» **Exercise**
The reply should contain all the data below, repeated exactly, and none of the images.

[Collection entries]
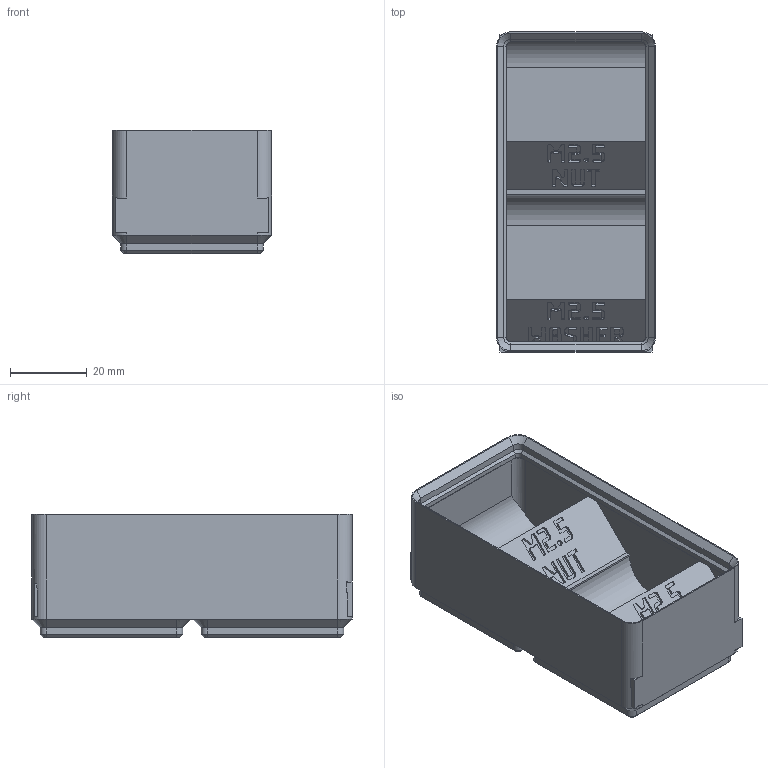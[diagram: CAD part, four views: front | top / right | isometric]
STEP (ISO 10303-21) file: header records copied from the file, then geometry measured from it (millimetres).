
FILE_DESCRIPTION(('Open CASCADE Model'),'2;1');
FILE_NAME('Open CASCADE Shape Model','2026-11-03T10:59:37',('Author'),( 'Open CASCADE'),'Open CASCADE STEP processor 8.0','build123d', 'Unknown');
FILE_SCHEMA(('AUTOMOTIVE_DESIGN { 1 0 10303 214 1 1 1 1 }'));
Products named in the file (1): COMPOUND
Bounding box: 41.5 x 83.5 x 32.1 mm (x, y, z)
Volume: 30723.6 mm3; surface area: 23958.7 mm2
Topology: 1 solids, 1 shells, 1769 faces, 5161 edges, 3418 vertices
Faces by surface type: plane 1711, cylinder 30, cone 28
Entity records: 124296 total; most frequent: CARTESIAN_POINT 21305, DIRECTION 18769, LINE 15017, VECTOR 15017, ORIENTED_EDGE 10322, PCURVE 10322, DEFINITIONAL_REPRESENTATION 10322, EDGE_CURVE 5161

» **Solution to the problem**
[diagram: CAD part, four views: front | top / right | isometric]
STEP (ISO 10303-21) file: header records copied from the file, then geometry measured from it (millimetres).
FILE_DESCRIPTION(('Open CASCADE Model'),'2;1');
FILE_NAME('Open CASCADE Shape Model','2026-11-03T10:59:37',('Author'),( 'Open CASCADE'),'Open CASCADE STEP processor 8.0','build123d', 'Unknown');
FILE_SCHEMA(('AUTOMOTIVE_DESIGN { 1 0 10303 214 1 1 1 1 }'));
Products named in the file (1): COMPOUND
Bounding box: 41.5 x 83.5 x 32.1 mm (x, y, z)
Volume: 30723.6 mm3; surface area: 23958.7 mm2
Topology: 1 solids, 1 shells, 1769 faces, 5161 edges, 3418 vertices
Faces by surface type: plane 1711, cylinder 30, cone 28
Entity records: 124296 total; most frequent: CARTESIAN_POINT 21305, DIRECTION 18769, LINE 15017, VECTOR 15017, ORIENTED_EDGE 10322, PCURVE 10322, DEFINITIONAL_REPRESENTATION 10322, EDGE_CURVE 5161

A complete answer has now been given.